* Problem details: Copy the data below exactly.
*** Data to process ***
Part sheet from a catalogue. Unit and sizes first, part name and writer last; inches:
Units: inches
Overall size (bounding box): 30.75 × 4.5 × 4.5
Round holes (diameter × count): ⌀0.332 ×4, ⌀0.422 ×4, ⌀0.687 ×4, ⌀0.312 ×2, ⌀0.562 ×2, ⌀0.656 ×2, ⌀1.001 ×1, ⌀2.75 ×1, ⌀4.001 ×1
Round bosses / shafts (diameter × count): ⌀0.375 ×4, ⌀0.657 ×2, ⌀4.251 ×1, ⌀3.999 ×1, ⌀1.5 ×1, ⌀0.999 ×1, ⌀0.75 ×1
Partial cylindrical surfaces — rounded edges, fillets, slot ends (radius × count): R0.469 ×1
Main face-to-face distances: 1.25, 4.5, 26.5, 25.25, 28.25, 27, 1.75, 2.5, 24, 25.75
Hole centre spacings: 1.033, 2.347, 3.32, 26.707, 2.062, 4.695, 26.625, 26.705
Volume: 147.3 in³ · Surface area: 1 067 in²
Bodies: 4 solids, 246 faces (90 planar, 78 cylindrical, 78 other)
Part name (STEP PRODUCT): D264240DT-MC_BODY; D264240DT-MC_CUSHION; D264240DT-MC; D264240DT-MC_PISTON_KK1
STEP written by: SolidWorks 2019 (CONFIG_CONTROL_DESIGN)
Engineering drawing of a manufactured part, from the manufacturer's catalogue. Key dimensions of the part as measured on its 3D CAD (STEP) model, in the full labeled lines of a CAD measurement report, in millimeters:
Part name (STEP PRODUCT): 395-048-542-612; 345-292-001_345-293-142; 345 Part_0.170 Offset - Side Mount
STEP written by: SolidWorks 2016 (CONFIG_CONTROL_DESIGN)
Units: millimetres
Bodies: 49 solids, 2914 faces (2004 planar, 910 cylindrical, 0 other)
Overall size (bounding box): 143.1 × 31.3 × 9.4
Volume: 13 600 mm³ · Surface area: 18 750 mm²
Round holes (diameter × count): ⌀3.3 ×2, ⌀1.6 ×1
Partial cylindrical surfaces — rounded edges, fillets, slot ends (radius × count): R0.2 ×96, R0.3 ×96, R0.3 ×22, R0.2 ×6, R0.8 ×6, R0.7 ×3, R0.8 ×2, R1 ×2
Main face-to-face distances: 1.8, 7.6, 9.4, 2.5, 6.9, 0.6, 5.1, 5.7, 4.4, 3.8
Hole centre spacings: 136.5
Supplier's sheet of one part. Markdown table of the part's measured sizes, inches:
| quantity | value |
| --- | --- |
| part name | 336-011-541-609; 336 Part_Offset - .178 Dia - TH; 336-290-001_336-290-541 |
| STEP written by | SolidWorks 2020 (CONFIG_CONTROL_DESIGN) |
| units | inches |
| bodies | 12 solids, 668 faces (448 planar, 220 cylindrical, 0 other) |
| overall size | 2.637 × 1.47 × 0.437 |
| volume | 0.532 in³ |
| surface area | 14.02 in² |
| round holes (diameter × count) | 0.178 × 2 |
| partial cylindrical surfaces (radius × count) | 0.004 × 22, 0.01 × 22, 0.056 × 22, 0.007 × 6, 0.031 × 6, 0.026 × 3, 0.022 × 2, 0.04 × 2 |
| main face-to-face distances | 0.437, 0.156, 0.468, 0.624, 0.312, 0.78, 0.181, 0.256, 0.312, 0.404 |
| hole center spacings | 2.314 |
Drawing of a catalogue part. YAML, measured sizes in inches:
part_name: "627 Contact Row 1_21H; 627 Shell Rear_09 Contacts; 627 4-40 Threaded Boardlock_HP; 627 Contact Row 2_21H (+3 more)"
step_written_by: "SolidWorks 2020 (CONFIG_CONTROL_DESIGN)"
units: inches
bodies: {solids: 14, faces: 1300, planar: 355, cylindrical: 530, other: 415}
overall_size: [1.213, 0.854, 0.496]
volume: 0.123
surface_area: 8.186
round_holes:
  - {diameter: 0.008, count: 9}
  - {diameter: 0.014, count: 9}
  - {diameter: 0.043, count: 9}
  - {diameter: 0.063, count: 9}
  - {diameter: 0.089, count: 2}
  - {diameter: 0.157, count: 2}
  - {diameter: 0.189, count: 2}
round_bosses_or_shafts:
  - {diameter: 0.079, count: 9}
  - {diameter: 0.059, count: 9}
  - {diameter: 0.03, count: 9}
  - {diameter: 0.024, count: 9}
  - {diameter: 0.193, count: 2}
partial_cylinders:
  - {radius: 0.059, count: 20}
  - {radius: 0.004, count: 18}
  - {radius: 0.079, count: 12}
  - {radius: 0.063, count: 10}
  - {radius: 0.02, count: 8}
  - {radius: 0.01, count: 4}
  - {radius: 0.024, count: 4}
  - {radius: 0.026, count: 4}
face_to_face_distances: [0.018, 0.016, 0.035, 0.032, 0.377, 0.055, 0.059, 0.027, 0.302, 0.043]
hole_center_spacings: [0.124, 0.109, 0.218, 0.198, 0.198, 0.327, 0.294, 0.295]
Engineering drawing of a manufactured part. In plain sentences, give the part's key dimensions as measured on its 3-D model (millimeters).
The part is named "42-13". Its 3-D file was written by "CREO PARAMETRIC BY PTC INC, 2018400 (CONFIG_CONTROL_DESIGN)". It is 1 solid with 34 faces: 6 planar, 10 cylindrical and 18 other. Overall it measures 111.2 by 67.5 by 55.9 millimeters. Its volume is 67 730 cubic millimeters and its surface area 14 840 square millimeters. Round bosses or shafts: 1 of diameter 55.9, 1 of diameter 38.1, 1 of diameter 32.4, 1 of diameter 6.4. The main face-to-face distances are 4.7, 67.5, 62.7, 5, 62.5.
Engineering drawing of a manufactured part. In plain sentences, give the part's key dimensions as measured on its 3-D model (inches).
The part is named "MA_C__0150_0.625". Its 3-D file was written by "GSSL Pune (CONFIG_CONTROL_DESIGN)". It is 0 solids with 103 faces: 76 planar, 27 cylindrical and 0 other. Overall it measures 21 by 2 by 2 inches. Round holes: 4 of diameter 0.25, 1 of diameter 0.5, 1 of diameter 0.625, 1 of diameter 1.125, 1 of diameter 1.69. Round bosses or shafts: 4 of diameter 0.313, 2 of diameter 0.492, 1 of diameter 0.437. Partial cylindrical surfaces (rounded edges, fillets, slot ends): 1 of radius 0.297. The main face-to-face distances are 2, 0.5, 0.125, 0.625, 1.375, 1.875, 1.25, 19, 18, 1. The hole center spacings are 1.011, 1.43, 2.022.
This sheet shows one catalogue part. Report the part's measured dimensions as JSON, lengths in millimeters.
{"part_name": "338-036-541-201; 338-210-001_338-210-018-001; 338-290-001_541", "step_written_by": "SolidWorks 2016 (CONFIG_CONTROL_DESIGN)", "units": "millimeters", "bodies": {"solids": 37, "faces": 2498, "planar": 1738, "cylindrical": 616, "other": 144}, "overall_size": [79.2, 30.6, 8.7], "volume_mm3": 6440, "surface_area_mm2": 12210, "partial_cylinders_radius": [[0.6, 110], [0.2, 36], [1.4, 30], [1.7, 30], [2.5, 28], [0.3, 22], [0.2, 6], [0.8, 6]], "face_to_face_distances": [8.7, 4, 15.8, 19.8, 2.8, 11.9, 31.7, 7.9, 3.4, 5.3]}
*** End of Data to process ***
* Completed exercise:
Part sheet from a catalogue. Unit and sizes first, part name and writer last; inches:
Units: inches
Overall size (bounding box): 30.75 × 4.5 × 4.5
Round holes (diameter × count): ⌀0.332 ×4, ⌀0.422 ×4, ⌀0.687 ×4, ⌀0.312 ×2, ⌀0.562 ×2, ⌀0.656 ×2, ⌀1.001 ×1, ⌀2.75 ×1, ⌀4.001 ×1
Round bosses / shafts (diameter × count): ⌀0.375 ×4, ⌀0.657 ×2, ⌀4.251 ×1, ⌀3.999 ×1, ⌀1.5 ×1, ⌀0.999 ×1, ⌀0.75 ×1
Partial cylindrical surfaces — rounded edges, fillets, slot ends (radius × count): R0.469 ×1
Main face-to-face distances: 1.25, 4.5, 26.5, 25.25, 28.25, 27, 1.75, 2.5, 24, 25.75
Hole centre spacings: 1.033, 2.347, 3.32, 26.707, 2.062, 4.695, 26.625, 26.705
Volume: 147.3 in³ · Surface area: 1 067 in²
Bodies: 4 solids, 246 faces (90 planar, 78 cylindrical, 78 other)
Part name (STEP PRODUCT): D264240DT-MC_BODY; D264240DT-MC_CUSHION; D264240DT-MC; D264240DT-MC_PISTON_KK1
STEP written by: SolidWorks 2019 (CONFIG_CONTROL_DESIGN)
Engineering drawing of a manufactured part, from the manufacturer's catalogue. Key dimensions of the part as measured on its 3D CAD (STEP) model, in the full labeled lines of a CAD measurement report, in millimeters:
Part name (STEP PRODUCT): 395-048-542-612; 345-292-001_345-293-142; 345 Part_0.170 Offset - Side Mount
STEP written by: SolidWorks 2016 (CONFIG_CONTROL_DESIGN)
Units: millimetres
Bodies: 49 solids, 2914 faces (2004 planar, 910 cylindrical, 0 other)
Overall size (bounding box): 143.1 × 31.3 × 9.4
Volume: 13 600 mm³ · Surface area: 18 750 mm²
Round holes (diameter × count): ⌀3.3 ×2, ⌀1.6 ×1
Partial cylindrical surfaces — rounded edges, fillets, slot ends (radius × count): R0.2 ×96, R0.3 ×96, R0.3 ×22, R0.2 ×6, R0.8 ×6, R0.7 ×3, R0.8 ×2, R1 ×2
Main face-to-face distances: 1.8, 7.6, 9.4, 2.5, 6.9, 0.6, 5.1, 5.7, 4.4, 3.8
Hole centre spacings: 136.5
Supplier's sheet of one part. Markdown table of the part's measured sizes, inches:
| quantity | value |
| --- | --- |
| part name | 336-011-541-609; 336 Part_Offset - .178 Dia - TH; 336-290-001_336-290-541 |
| STEP written by | SolidWorks 2020 (CONFIG_CONTROL_DESIGN) |
| units | inches |
| bodies | 12 solids, 668 faces (448 planar, 220 cylindrical, 0 other) |
| overall size | 2.637 × 1.47 × 0.437 |
| volume | 0.532 in³ |
| surface area | 14.02 in² |
| round holes (diameter × count) | 0.178 × 2 |
| partial cylindrical surfaces (radius × count) | 0.004 × 22, 0.01 × 22, 0.056 × 22, 0.007 × 6, 0.031 × 6, 0.026 × 3, 0.022 × 2, 0.04 × 2 |
| main face-to-face distances | 0.437, 0.156, 0.468, 0.624, 0.312, 0.78, 0.181, 0.256, 0.312, 0.404 |
| hole center spacings | 2.314 |
Drawing of a catalogue part. YAML, measured sizes in inches:
part_name: "627 Contact Row 1_21H; 627 Shell Rear_09 Contacts; 627 4-40 Threaded Boardlock_HP; 627 Contact Row 2_21H (+3 more)"
step_written_by: "SolidWorks 2020 (CONFIG_CONTROL_DESIGN)"
units: inches
bodies: {solids: 14, faces: 1300, planar: 355, cylindrical: 530, other: 415}
overall_size: [1.213, 0.854, 0.496]
volume: 0.123
surface_area: 8.186
round_holes:
  - {diameter: 0.008, count: 9}
  - {diameter: 0.014, count: 9}
  - {diameter: 0.043, count: 9}
  - {diameter: 0.063, count: 9}
  - {diameter: 0.089, count: 2}
  - {diameter: 0.157, count: 2}
  - {diameter: 0.189, count: 2}
round_bosses_or_shafts:
  - {diameter: 0.079, count: 9}
  - {diameter: 0.059, count: 9}
  - {diameter: 0.03, count: 9}
  - {diameter: 0.024, count: 9}
  - {diameter: 0.193, count: 2}
partial_cylinders:
  - {radius: 0.059, count: 20}
  - {radius: 0.004, count: 18}
  - {radius: 0.079, count: 12}
  - {radius: 0.063, count: 10}
  - {radius: 0.02, count: 8}
  - {radius: 0.01, count: 4}
  - {radius: 0.024, count: 4}
  - {radius: 0.026, count: 4}
face_to_face_distances: [0.018, 0.016, 0.035, 0.032, 0.377, 0.055, 0.059, 0.027, 0.302, 0.043]
hole_center_spacings: [0.124, 0.109, 0.218, 0.198, 0.198, 0.327, 0.294, 0.295]
Engineering drawing of a manufactured part. In plain sentences, give the part's key dimensions as measured on its 3-D model (millimeters).
The part is named "42-13". Its 3-D file was written by "CREO PARAMETRIC BY PTC INC, 2018400 (CONFIG_CONTROL_DESIGN)". It is 1 solid with 34 faces: 6 planar, 10 cylindrical and 18 other. Overall it measures 111.2 by 67.5 by 55.9 millimeters. Its volume is 67 730 cubic millimeters and its surface area 14 840 square millimeters. Round bosses or shafts: 1 of diameter 55.9, 1 of diameter 38.1, 1 of diameter 32.4, 1 of diameter 6.4. The main face-to-face distances are 4.7, 67.5, 62.7, 5, 62.5.
Engineering drawing of a manufactured part. In plain sentences, give the part's key dimensions as measured on its 3-D model (inches).
The part is named "MA_C__0150_0.625". Its 3-D file was written by "GSSL Pune (CONFIG_CONTROL_DESIGN)". It is 0 solids with 103 faces: 76 planar, 27 cylindrical and 0 other. Overall it measures 21 by 2 by 2 inches. Round holes: 4 of diameter 0.25, 1 of diameter 0.5, 1 of diameter 0.625, 1 of diameter 1.125, 1 of diameter 1.69. Round bosses or shafts: 4 of diameter 0.313, 2 of diameter 0.492, 1 of diameter 0.437. Partial cylindrical surfaces (rounded edges, fillets, slot ends): 1 of radius 0.297. The main face-to-face distances are 2, 0.5, 0.125, 0.625, 1.375, 1.875, 1.25, 19, 18, 1. The hole center spacings are 1.011, 1.43, 2.022.
This sheet shows one catalogue part. Report the part's measured dimensions as JSON, lengths in millimeters.
{"part_name": "338-036-541-201; 338-210-001_338-210-018-001; 338-290-001_541", "step_written_by": "SolidWorks 2016 (CONFIG_CONTROL_DESIGN)", "units": "millimeters", "bodies": {"solids": 37, "faces": 2498, "planar": 1738, "cylindrical": 616, "other": 144}, "overall_size": [79.2, 30.6, 8.7], "volume_mm3": 6440, "surface_area_mm2": 12210, "partial_cylinders_radius": [[0.6, 110], [0.2, 36], [1.4, 30], [1.7, 30], [2.5, 28], [0.3, 22], [0.2, 6], [0.8, 6]], "face_to_face_distances": [8.7, 4, 15.8, 19.8, 2.8, 11.9, 31.7, 7.9, 3.4, 5.3]}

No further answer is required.